Microsoft Office 365 - the new Cloud Nine?
So how does the Office 365 service look now? Well, the online Outlook web client is superb, a huge improvement over the clunky thing that haunted those of us who grew up on Exchange 2000/2003. Indeed, for many users it might well be all the email client they ever need. However, if you want offline access to emails too, then you’ll need to set up a local email client. Outlook is the preferred choice since it connects via the Exchange communication channel rather than IMAP/SMTP. Getting this up and running is simple: just tell Outlook to create a new connection, choose Exchange Server, provide your login details, and it uses those DNS records to find the hosted Exchange server automatically.
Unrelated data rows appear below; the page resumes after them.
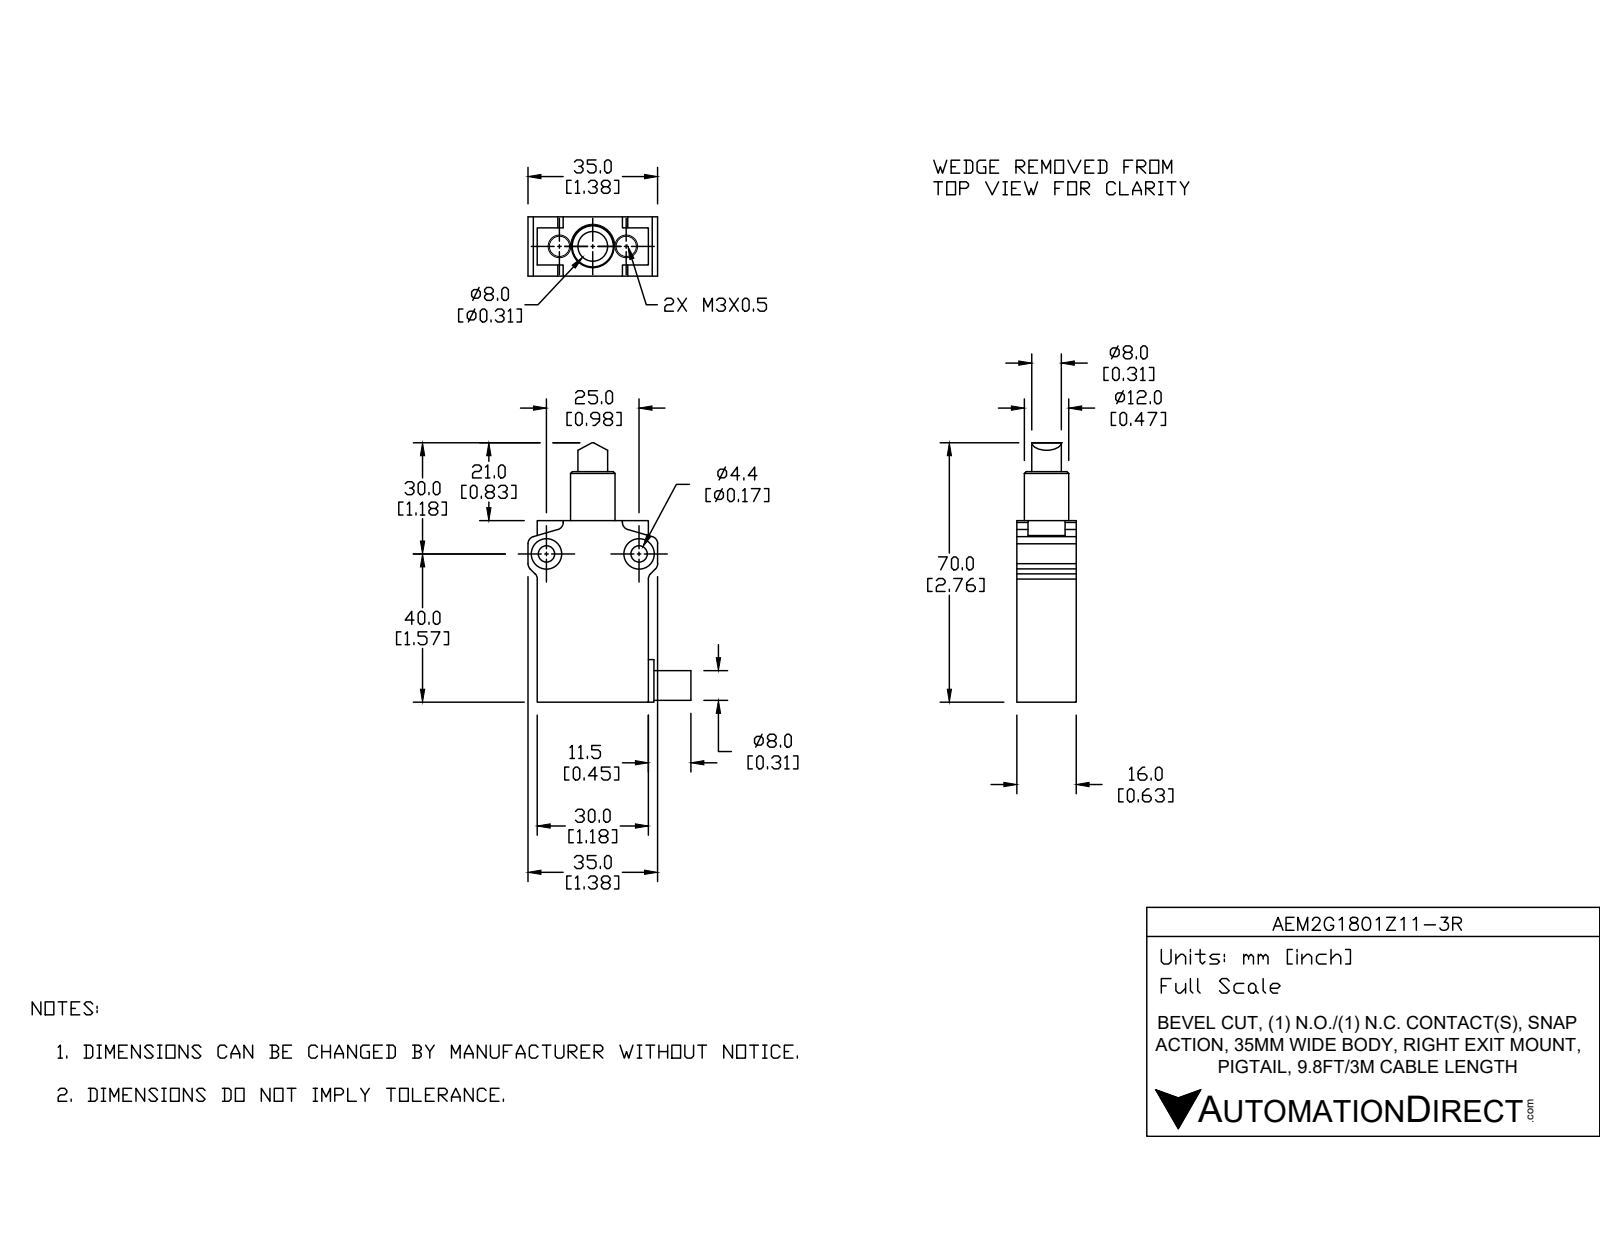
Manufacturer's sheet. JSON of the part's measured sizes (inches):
{"part_name": "AEM2G1801Z11-3R", "step_written_by": "SolidWorks 2017 (AUTOMOTIVE_DESIGN)", "units": "inches", "bodies": {"solids": 4, "faces": 101, "planar": 49, "cylindrical": 45, "other": 7}, "overall_size": [2.756, 1.87, 0.63], "volume_in3": 1.539, "surface_area_in2": 13.75, "round_holes": [[0.118, 2], [0.173, 2], [0.323, 2], [0.317, 1]], "round_bosses_or_shafts": [[0.472, 1], [0.323, 1], [0.315, 1]], "partial_cylinders_radius": [[0.079, 8], [0.03, 1], [0.256, 1]], "face_to_face_distances": [0.63, 1.181, 0.472, 1.929, 1.74, 0.189, 0.098, 1.28, 0.157, 0.039], "hole_center_spacings": [0.374, 0.748, 0.984]}
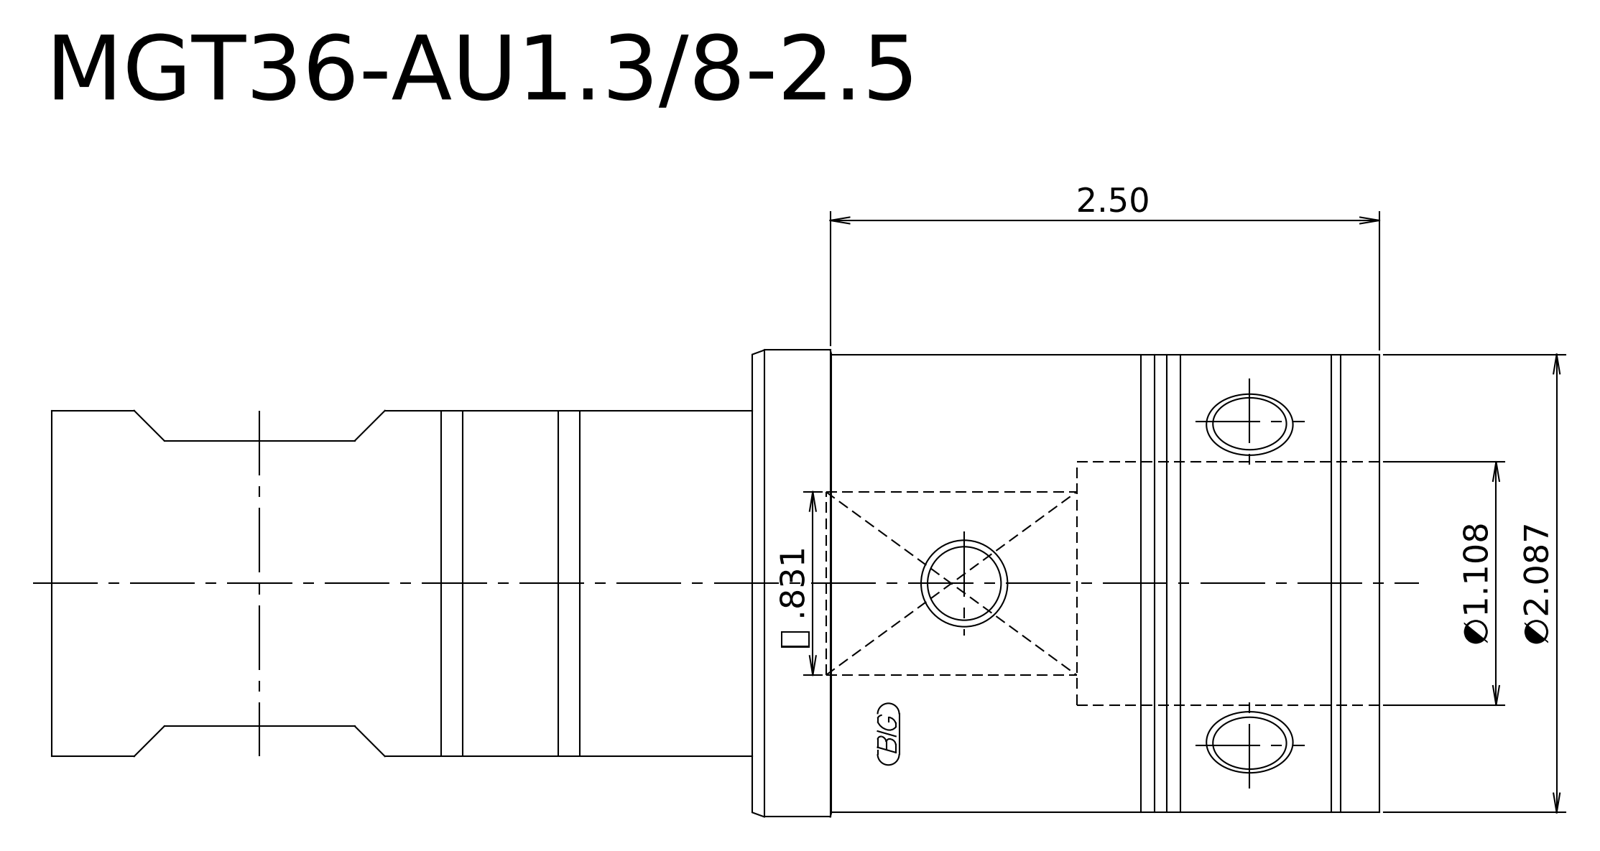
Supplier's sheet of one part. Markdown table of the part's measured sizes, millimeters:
| quantity | value |
| --- | --- |
| STEP written by | Kubotek KeyCreator 2011 V10.0.2 (22737) (automotive_design) |
| units | millimeters |
| bodies | 1 solid, 8 faces (3 planar, 3 cylindrical, 2 other) |
| overall size | 153.5 × 54 × 54 |
| volume | 262 440 mm³ |
| surface area | 26 768 mm² |
| round bosses / shafts (diameter × count) | 54 × 1, 53 × 1, 40 × 1 |
| main face-to-face distances | 153.5, 72.5, 81 |

So is everything sweetness and light with Office 365? I must confess I haven’t had time to seriously poke the SharePoint Server or Lync components so far, but there’s no doubting that the combination of Outlook 2010 and Office 365’s Exchange Server is a compelling one. But there are a few issues to consider. Although configuring these services is simple using a web interface into the administrator pages, once you scratch the surface you can end up in a very weird place indeed. The UI feels unfinished, and it’s often far from obvious where to look for a particular setting. You get a feeling this is a thin veneer hiding a heavily automated back-end services infrastructure (if, for example, you venture into the Forefront Server settings, you fall down a wormhole into another universe). Or take setting up a default email signature/ disclaimer, where you have to dig deep into the UI to discover where it sits.
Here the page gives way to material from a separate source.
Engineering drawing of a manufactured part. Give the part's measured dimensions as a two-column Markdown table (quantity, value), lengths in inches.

For the power-minded, there’s a set of PowerShell widgets for managing the server side of Office 365, and while this can reveal what goes on behind the scenes on the remote server, it’s the sort of power you really don’t want in the hands of over-eager fiddlers. Worse still, much of the documentation is generic and poorly worded, so you’re never sure whether what you see on the screen actually applies to your particular installation or version – Microsoft needs to do something about this because it’s a considerable limitation on deploying the product as it stands. As an example, my setup is a cloud-hosted solution, so I shouldn’t see anything that covers mixed on-site/off-site solutions unless I’m starting down a migration route to that mode. Maybe most implementations will be mixed mode, but mine isn’t and I don’t need the confusion.
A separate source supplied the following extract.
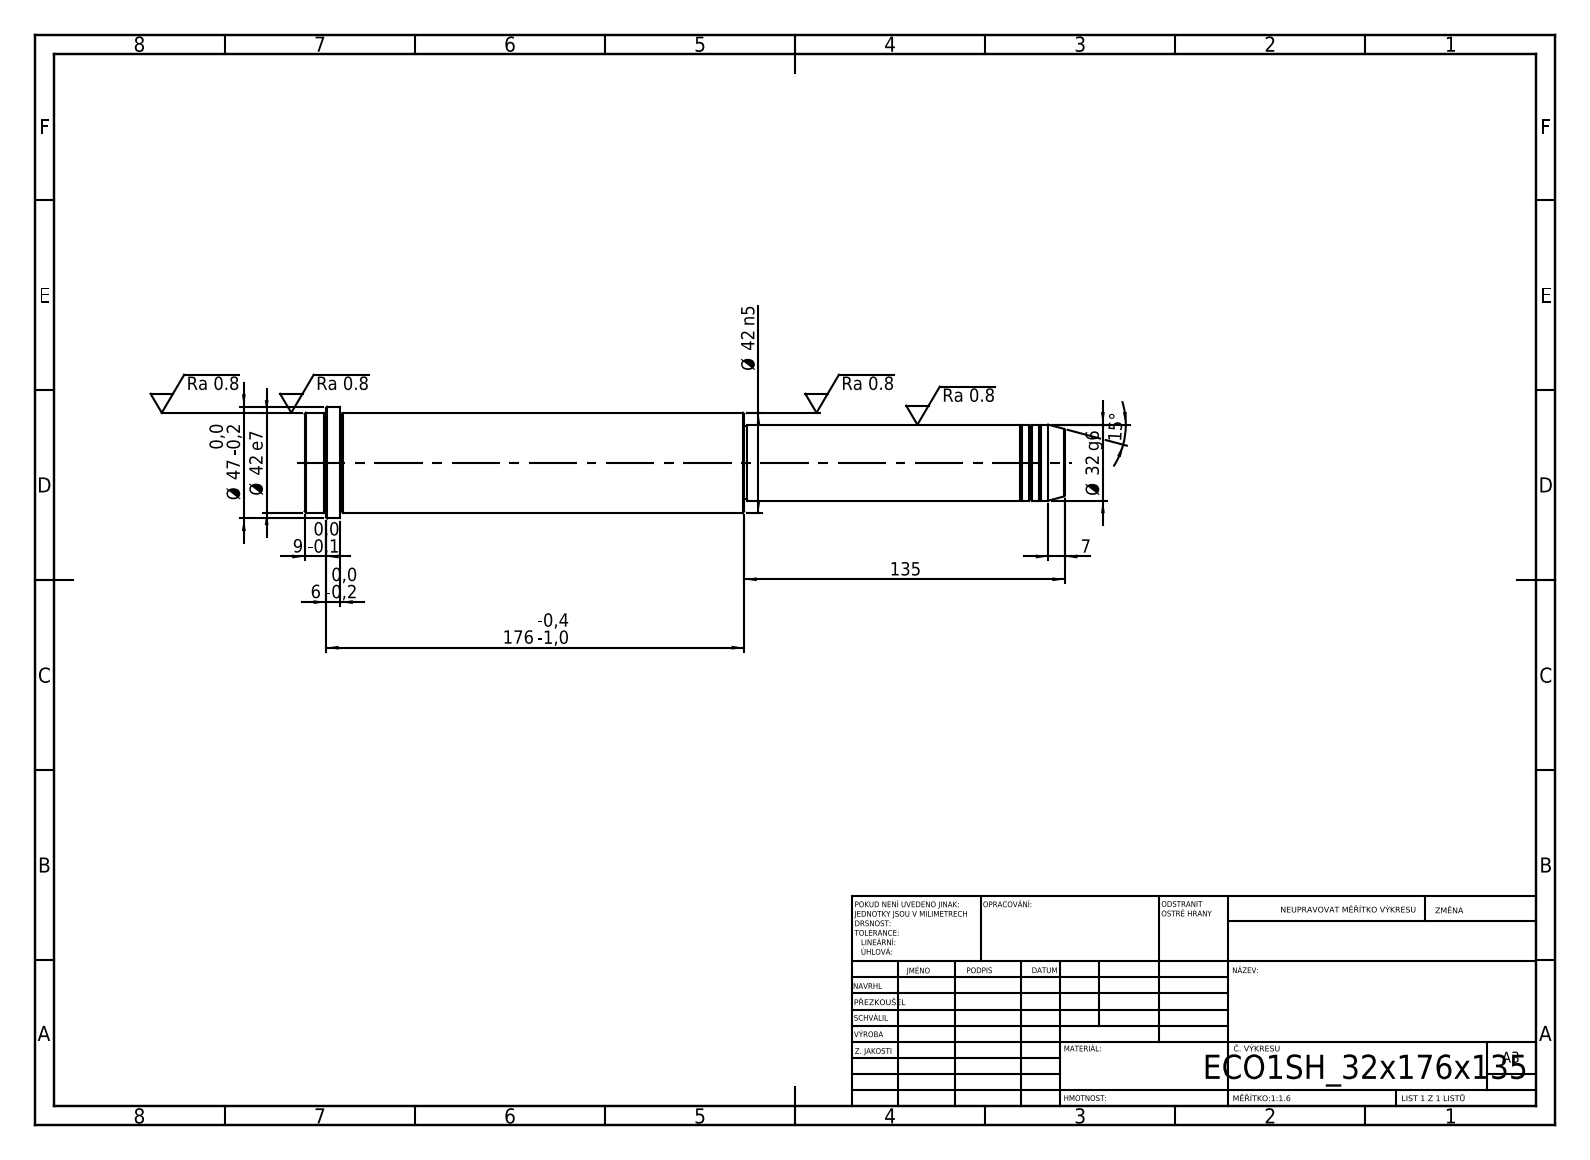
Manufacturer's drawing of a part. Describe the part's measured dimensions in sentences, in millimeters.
Its 3-D file was written by "SolidWorks 2019 (CONFIG_CONTROL_DESIGN)". It is 1 solid with 52 faces: 6 planar, 16 cylindrical and 30 other. Overall it measures 320 by 47 by 47 millimeters. Its volume is 366 021 cubic millimeters and its surface area 41 622 square millimeters. Round bosses or shafts: 1 of diameter 47, 1 of diameter 42, 1 of diameter 32, 1 of diameter 31. The main face-to-face distances are 320, 135, 185, 305, 170, 15, 311, 176, 6, 9.

Microsoft might argue back, with some justification, that Office 365 is something you ought to buy through one of its Partners, but if that’s so then why sell it directly? Even my deep knowledge of the underlying technologies doesn’t help much in working out what’s going on, and most small to medium businesses won’t have my advantage of starting out from scratch. Most of them will need to cope with either a split on-site/off-site solution, with all the extra complications this involves, or else need to do a mass migration in a hurry, accompanied by other monumental headaches. The truth is that, unless you settle for a basic P account or have the luxury of a green-field start-up, a Microsoft Partner’s highly qualified expertise may well prove necessary, and depending on how this is to be funded, it could skew your cost/benefit calculations towards abstinence.